Just in case, I see gateway 0x4 is actually a "multi-gateway": it is a single copier using two gateways internally. Those gateways use HDA link channels 0 and 1. Multi-gateway case is kind of unusual, maybe driver has a bug related to properly handling stream_id when multi-gateways are in use.

Oct 29 '24 08:10 serhiy-katsyuba-intel

@ranj063 @bardliao @ujfalusi Can you take look at above from driver perspective, multi-gatewa ysage with 0x4 expected?

Oct 29 '24 08:10 kv2019i

[ 1198.015848] dai_comp: dai_common_config_prepare: comp:4 0x40004 channel = 0 ... [ 1198.015883] dai_comp: dai_common_config_prepare: comp:4 0x40004 dma_request_channel() failed

... based on this, could be related to https://github.com/thesofproject/sof/issues/9584

Oct 29 '24 12:10 kv2019i

I think the issue might be caused by / related to (kernel commit) 0247199fa8eb ("ASoC: SOF: ipc4-topology: Do not set ALH node_id for aggregated DAIs")

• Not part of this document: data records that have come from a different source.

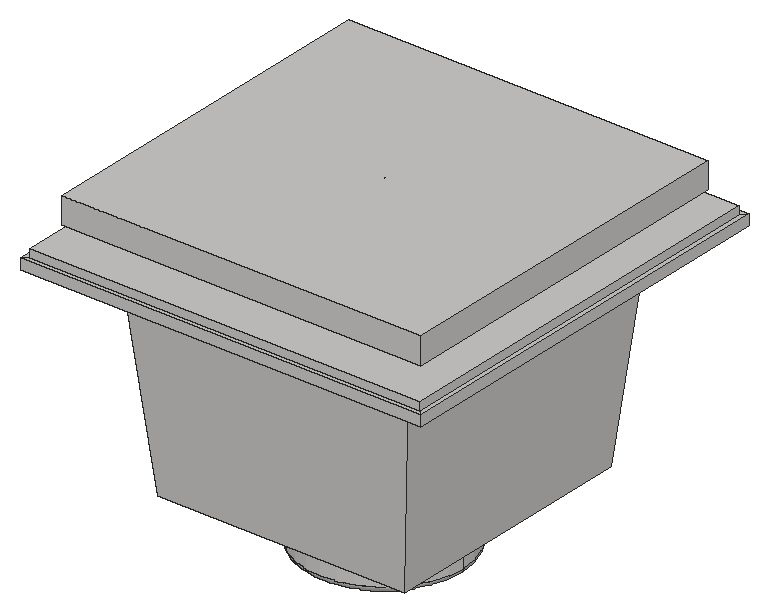
Revit family (continued)
Automatic sketch dimensions
  curve 565 to curve 560 = 0.36111"
  curve 485 to curve 482 = 0.36111"  (x2)
  curve 297 to curve 268 = 0.36111"
  curve 317 to curve 288 = 0.36111"
  curve 262 to curve 262 = 1/2"
  curve 266 to curve 265 = 1/2"  (x2)
  curve 258 to curve 257 = 1/2"
  curve 483 to curve 484 = 1/2"
  curve 270 to curve 269 = 1/2"
  curve 558 to curve 557 = 1/2"
  curve 562 to curve 561 = 1/2"  (x2)
  curve 274 to curve 273 = 1/2"  (x2)
  curve 439 to curve 440 = 1/2"
  curve 614 to curve 613 = 1/2"
  curve 278 to curve 277 = 1/2"  (x2)
  curve 282 to curve 281 = 1/2"  (x2)
  curve 394 to curve 393 = 1/2"
  curve 287 to curve 288 = 1/2"
  curve 393 to curve 392 = 0.36111"
  curve 481 to curve 479 = 0.36111"
  curve 265 to curve 234 = 0.36111"  (x2)
  curve 257 to curve 228 = 0.36111"
  curve 285 to curve 256 = 0.36111"
  curve 269 to curve 238 = 0.36111"  (x2)
  curve 557 to curve 550 = 0.36111"  (x2)
  curve 281 to curve 252 = 0.36111"
  curve 437 to curve 436 = 0.36111"
  curve 561 to curve 554 = 0.36111"  (x2)
  curve 613 to curve 612 = 0.36111"
  curve 277 to curve 248 = 0.36111"
  curve 273 to curve 242 = 0.36111"  (x2)
  curve 246 to curve 245 = 1/2"
  curve 242 to curve 242 = 1/2"
  curve 239 to curve 240 = 1/2"
  curve 610 to curve 609 = 1/2"  (x2)
  curve 555 to curve 556 = 1/2"
  curve 250 to curve 249 = 1/2"
  curve 434 to curve 433 = 1/2"
  curve 226 to curve 225 = 1/2"
  curve 551 to curve 552 = 1/2"
  curve 254 to curve 253 = 1/2"  (x2)
  curve 235 to curve 236 = 1/2"
  curve 230 to curve 229 = 1/2"
  curve 390 to curve 389 = 1/2"  (x2)
  curve 479 to curve 480 = 1/2"
  curve 245 to curve 216 = 0.36111"
  curve 549 to curve 542 = 0.36111"  (x2)
  curve 237 to curve 206 = 0.36111"
  curve 609 to curve 608 = 0.36111"
  curve 253 to curve 224 = 0.36111"
  curve 553 to curve 546 = 0.36111"  (x2)
  curve 225 to curve 194 = 0.36111"  (x2)
  curve 229 to curve 200 = 0.36111"
  curve 477 to curve 474 = 0.36111"  (x2)
  curve 249 to curve 218 = 0.36111"
  curve 222 to curve 221 = 1/2"  (x2)
  curve 219 to curve 220 = 1/2"
  curve 195 to curve 196 = 1/2"
  curve 475 to curve 476 = 1/2"
  curve 198 to curve 197 = 1/2"
  curve 386 to curve 386 = 1/2"
  curve 202 to curve 201 = 1/2"  (x2)
  curve 214 to curve 214 = 1/2"
  curve 547 to curve 548 = 1/2"
  curve 211 to curve 212 = 1/2"
  curve 542 to curve 541 = 1/2"
  curve 606 to curve 605 = 1/2"
  curve 207 to curve 208 = 1/2"
  curve 431 to curve 432 = 1/2"
  curve 205 to curve 176 = 0.36111"
  curve 429 to curve 428 = 0.36111"
  curve 193 to curve 162 = 0.36111"
  curve 213 to curve 182 = 0.36111"
  curve 473 to curve 472 = 0.36111"
  curve 197 to curve 166 = 0.36111"
  curve 385 to curve 384 = 0.36111"
  curve 221 to curve 192 = 0.36111"
  curve 217 to curve 186 = 0.36111"
  curve 545 to curve 540 = 0.36111"
  curve 541 to curve 534 = 0.36111"
  curve 538 to curve 537 = 1/2"
  curve 535 to curve 536 = 1/2"
  curve 190 to curve 190 = 1/2"
  curve 603 to curve 604 = 1/2"
  curve 187 to curve 188 = 1/2"
  curve 183 to curve 184 = 1/2"
  curve 470 to curve 469 = 1/2"
  curve 174 to curve 173 = 1/2"
  curve 382 to curve 382 = 1/2"
  curve 171 to curve 172 = 1/2"
  curve 167 to curve 168 = 1/2"
  curve 163 to curve 164 = 1/2"
  curve 179 to curve 180 = 1/2"
  curve 426 to curve 425 = 1/2"
  curve 165 to curve 136 = 0.36111"  (x2)
  curve 381 to curve 380 = 0.36111"
  curve 189 to curve 158 = 0.36111"
  curve 425 to curve 424 = 0.36111"
  curve 161 to curve 132 = 0.36111"  (x2)
  curve 169 to curve 140 = 0.36111"  (x2)
  curve 173 to curve 142 = 0.36111"
  curve 537 to curve 532 = 0.36111"
  curve 185 to curve 156 = 0.36111"  (x2)
  curve 177 to curve 146 = 0.36111"
  curve 181 to curve 152 = 0.36111"
  curve 601 to curve 600 = 0.36111"
  curve 533 to curve 526 = 0.36111"
  curve 469 to curve 468 = 0.36111"
  curve 466 to curve 466 = 1/2"  (x2)
  curve 530 to curve 529 = 1/2"
  curve 150 to curve 149 = 1/2"  (x2)
  curve 527 to curve 528 = 1/2"  (x2)
  curve 138 to curve 138 = 1/2"
  curve 598 to curve 597 = 1/2"
  curve 159 to curve 160 = 1/2"
  curve 147 to curve 148 = 1/2"
  curve 154 to curve 153 = 1/2"  (x2)
  curve 143 to curve 144 = 1/2"
  curve 378 to curve 378 = 1/2"  (x2)
  curve 130 to curve 129 = 1/2"  (x2)
  curve 422 to curve 421 = 1/2"
  curve 134 to curve 133 = 1/2"  (x2)
  curve 377 to curve 376 = 0.36111"
  curve 129 to curve 98 = 0.36111"
  curve 597 to curve 596 = 0.36111"
  curve 465 to curve 462 = 0.36111"
  curve 157 to curve 127 = 0.36111"  (x2)
  curve 153 to curve 124 = 0.36111"
  curve 133 to curve 102 = 0.36111"
  curve 149 to curve 120 = 0.36111"
  curve 137 to curve 106 = 0.36111"
  curve 145 to curve 116 = 0.36111"
  curve 141 to curve 110 = 0.36111"  (x2)
  curve 529 to curve 524 = 0.36111"
  curve 525 to curve 518 = 0.36111"
  curve 522 to curve 521 = 1/2"
  curve 518 to curve 518 = 1/2"
  curve 115 to curve 113 = 1/2"
  curve 111 to curve 112 = 1/2"  (x2)
  curve 118 to curve 117 = 1/2"  (x2)
  curve 107 to curve 108 = 1/2"
  curve 419 to curve 420 = 1/2"
  curve 103 to curve 104 = 1/2"  (x2)
  curve 122 to curve 121 = 1/2"
  curve 374 to curve 373 = 1/2"  (x2)
  curve 126 to curve 125 = 1/2"
  curve 463 to curve 464 = 1/2"  (x2)
  curve 594 to curve 593 = 1/2"  (x2)
  curve 99 to curve 100 = 1/2"  (x2)
  curve 521 to curve 516 = 0.36111"
  curve 121 to curve 91 = 0.36111"  (x2)
  curve 117 to curve 86 = 0.36111"
  curve 125 to curve 94 = 0.36111"
  curve 113 to curve 84 = 0.36111"  (x2)
  curve 461 to curve 458 = 0.36111"
  curve 109 to curve 80 = 0.36111"  (x2)
  curve 373 to curve 372 = 0.36111"
  curve 593 to curve 592 = 0.36111"  (x2)
  curve 97 to curve 68 = 0.36111"
  curve 517 to curve 510 = 0.36111"
  curve 105 to curve 76 = 0.36111"  (x2)
  curve 101 to curve 72 = 0.36111"
  curve 66 to curve 65 = 1/2"  (x2)
  curve 87 to curve 88 = 1/2"
  curve 515 to curve 516 = 1/2"
  curve 70 to curve 70 = 1/2"
  curve 74 to curve 73 = 1/2"  (x2)
  curve 511 to curve 512 = 1/2"
  curve 78 to curve 77 = 1/2"  (x2)
  curve 590 to curve 589 = 1/2"  (x2)
  curve 370 to curve 369 = 1/2"  (x2)
  curve 415 to curve 416 = 1/2"
  curve 459 to curve 460 = 1/2"
  curve 82 to curve 81 = 1/2"  (x2)
  curve 95 to curve 96 = 1/2"
  curve 91 to curve 92 = 1/2"
  curve 93 to curve 32 = 0.36111"
  curve 513 to curve 499 = 0.36111"
  curve 509 to curve 496 = 0.36111"
  curve 589 to curve 584 = 0.36111"
  curve 89 to curve 28 = 0.36111"
  curve 77 to curve 16 = 0.36111"  (x2)
  curve 65 to curve 2 = 0.36111"
  curve 73 to curve 12 = 0.36111"  (x2)
  curve 81 to curve 18 = 0.36111"
  curve 457 to curve 452 = 0.36111"
  curve 69 to curve 6 = 0.36111"
  curve 85 to curve 22 = 0.36111"
  curve 413 to curve 406 = 0.36111"
  curve 407 to curve 408 = 1/2"
  curve 23 to curve 24 = 1/2"
  curve 10 to curve 9 = 1/2"  (x2)
  curve 450 to curve 449 = 1/2"  (x2)
  curve 7 to curve 8 = 1/2"
  curve 582 to curve 581 = 1/2"
  curve 19 to curve 20 = 1/2"
  curve 27 to curve 25 = 1/2"
  curve 494 to curve 493 = 1/2"
  curve 363 to curve 364 = 1/2"  (x2)
  curve 14 to curve 13 = 1/2"  (x2)
  curve 3 to curve 4 = 1/2"
  curve 30 to curve 29 = 1/2"  (x2)
  curve 498 to curve 497 = 1/2"
  curve 449 to curve 492 = 0.36111"
  curve 17 to curve 346 = 0.36111"  (x2)
  curve 405 to curve 448 = 0.36111"
  curve 13 to curve 344 = 0.36111"
  curve 493 to curve 574 = 0.36111"
  curve 9 to curve 340 = 0.36111"  (x2)
  curve 497 to curve 578 = 0.36111"
  curve 361 to curve 404 = 0.36111"  (x2)
  curve 29 to curve 360 = 0.36111"
  curve 581 to curve 622 = 0.36111"
  curve 25 to curve 356 = 0.36111"
  curve 5 to curve 336 = 0.36111"
  curve 335 to curve 333 = 1/2"
  curve 331 to curve 332 = 1/2"  (x2)
  curve 338 to curve 337 = 1/2"
  curve 579 to curve 580 = 1/2"
  curve 342 to curve 341 = 1/2"
  curve 575 to curve 576 = 1/2"
  curve 346 to curve 345 = 1/2"
  curve 491 to curve 492 = 1/2"  (x2)
  curve 350 to curve 349 = 1/2"
  curve 447 to curve 448 = 1/2"  (x2)
  curve 354 to curve 353 = 1/2"
  curve 403 to curve 404 = 1/2"
  curve 359 to curve 360 = 1/2"  (x2)
  curve 622 to curve 621 = 1/2"  (x2)
  curve 349 to curve 680 = 0.36111"
  curve 357 to curve 686 = 0.36111"
  curve 345 to curve 676 = 0.36111"
  curve 401 to curve 726 = 0.36111"
  curve 341 to curve 672 = 0.36111"
  curve 621 to curve 788 = 0.36111"
  curve 337 to curve 668 = 0.36111"
  curve 577 to curve 772 = 0.36111"
  curve 333 to curve 664 = 0.36111"
  curve 573 to curve 768 = 0.36111"
  curve 329 to curve 660 = 0.36111"
  curve 489 to curve 752 = 0.36111"
  curve 750 to curve 749 = 1/2"
  curve 738 to curve 738 = 1/2"
  curve 658 to curve 657 = 1/2"
  curve 766 to curve 765 = 1/2"  (x2)
  curve 662 to curve 661 = 1/2"  (x2)
  curve 770 to curve 769 = 1/2"  (x2)
  curve 666 to curve 665 = 1/2"  (x2)
  curve 786 to curve 785 = 1/2"
  curve 670 to curve 669 = 1/2"
  curve 727 to curve 728 = 1/2"
  curve 674 to curve 673 = 1/2"
  curve 687 to curve 688 = 1/2"
  curve 678 to curve 677 = 1/2"
  curve 683 to curve 684 = 1/2"
  curve 673 to curve 644 = 0.36111"
  curve 657 to curve 626 = 0.36111"
  curve 737 to curve 735 = 0.36111"  (x2)
  curve 685 to curve 656 = 0.36111"
  curve 661 to curve 630 = 0.36111"  (x2)
  curve 681 to curve 652 = 0.36111"
  curve 665 to curve 634 = 0.36111"
  curve 765 to curve 758 = 0.36111"  (x2)
  curve 785 to curve 784 = 0.36111"
  curve 769 to curve 762 = 0.36111"  (x2)
  curve 677 to curve 648 = 0.36111"
  curve 647 to curve 645 = 1/2"
  curve 643 to curve 644 = 1/2"  (x2)
  curve 763 to curve 764 = 1/2"
  curve 782 to curve 781 = 1/2"  (x2)
  curve 759 to curve 760 = 1/2"
  curve 639 to curve 640 = 1/2"  (x2)
  curve 650 to curve 649 = 1/2"
  curve 635 to curve 636 = 1/2"  (x2)
  curve 747 to curve 748 = 1/2"
  curve 723 to curve 724 = 1/2"
  curve 654 to curve 653 = 1/2"
  curve 631 to curve 632 = 1/2"  (x2)
  curve 735 to curve 736 = 1/2"
  curve 627 to curve 628 = 1/2"  (x2)
  curve 733 to curve 742 = 0.36111"
  curve 625 to curve 690 = 0.36111"  (x2)
  curve 745 to curve 754 = 0.36111"
  curve 629 to curve 694 = 0.36111"  (x2)
  curve 633 to curve 698 = 0.36111"
  curve 637 to curve 702 = 0.36111"
  curve 781 to curve 790 = 0.36111"
  curve 641 to curve 706 = 0.36111"  (x2)
  curve 721 to curve 732 = 0.36111"
  curve 645 to curve 710 = 0.36111"  (x2)
  curve 653 to curve 720 = 0.36111"  (x2)
  curve 649 to curve 716 = 0.36111"
  curve 715 to curve 713 = 1/2"
  curve 742 to curve 741 = 1/2"  (x2)
  curve 691 to curve 689 = 1/2"
  curve 718 to curve 717 = 1/2"
  curve 694 to curve 693 = 1/2"
  curve 730 to curve 729 = 1/2"  (x2)
  curve 711 to curve 712 = 1/2"  (x2)
  curve 791 to curve 792 = 1/2"
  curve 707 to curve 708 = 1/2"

In sof_ipc4_dai_config() if blob->alh_cfg.device_count > 1 then we don't set the copier_data->gtw_cfg.node_id. But in sof_ipc4_prepare_copier_module() the list_for_each_entry(w, &sdev->widget_list, list) loop for ALH will try to use it:

        node_type = SOF_IPC4_GET_NODE_TYPE(alh_data->gtw_cfg.node_id);
        blob->alh_cfg.mapping[i].device = SOF_IPC4_NODE_TYPE(node_type);

and after that loop we set the node_id in case of blob->alh_cfg.device_count > 1

@ranj063

Oct 29 '24 12:10 ujfalusi

I'm not able to reproduce the problem on Bangalore machines: ba-lnlm-rvp-sdw-01 and ba-lnlm-rvp-sdw-03 survived 300 iteration without a problem. On jf-lnlm-rvp-sdw-4, however, I'm able to reproduce the problem.

Oct 29 '24 12:10 serhiy-katsyuba-intel

@serhiy-katsyuba-intel, can it be climate related bug? ;) Seriously, The BA machines have different BIOS settings compared to the ones in JF, but how that can affect ID allocation and DMA channel selection is a mistery to me.

Oct 29 '24 12:10 ujfalusi

The problem is not a recent regression. I tried to bisect to find the bad commit and I went down to commit merged on Aug 5 and still can reproduce the problem. It just more harder to reproduce, I run 100 test iteration instead of 50, sometimes it succeeded even with 100 iterations and I run the test again and eventually it fails.

Thanks!

Seems on recent builds it is easier to reproduce the problem

Yes: I observed a huge jump in the reproduction rate, see data above. No idea why.

Oct 29 '24 23:10 marc-hb

I think the issue might be caused by / related to (kernel commit) 0247199fa8eb ("ASoC: SOF: ipc4-topology: Do not set ALH node_id for aggregated DAIs")

In sof_ipc4_dai_config() if blob->alh_cfg.device_count > 1 then we don't set the copier_data->gtw_cfg.node_id. But in sof_ipc4_prepare_copier_module() the list_for_each_entry(w, &sdev->widget_list, list) loop for ALH will try to use it:
        node_type = SOF_IPC4_GET_NODE_TYPE(alh_data->gtw_cfg.node_id);
        blob->alh_cfg.mapping[i].device = SOF_IPC4_NODE_TYPE(node_type);
and after that loop we set the node_id in case of blob->alh_cfg.device_count > 1

If device_count == 1, gtw_cfg.node_id will be set in sof_ipc4_dai_config() which will be ipc4_copier->dai_index. And gtw_cfg.node_id will be set to an id with ALH_MULTI_GTW_BASE in sof_ipc4_prepare_copier_module(). So, we set gtw_cfg.node_id in all cases. It looks correct to me.

Oct 30 '24 11:10 bardliao

Not seen in PR/daily tests for a week, closing.

Dec 13 '24 11:12 kv2019i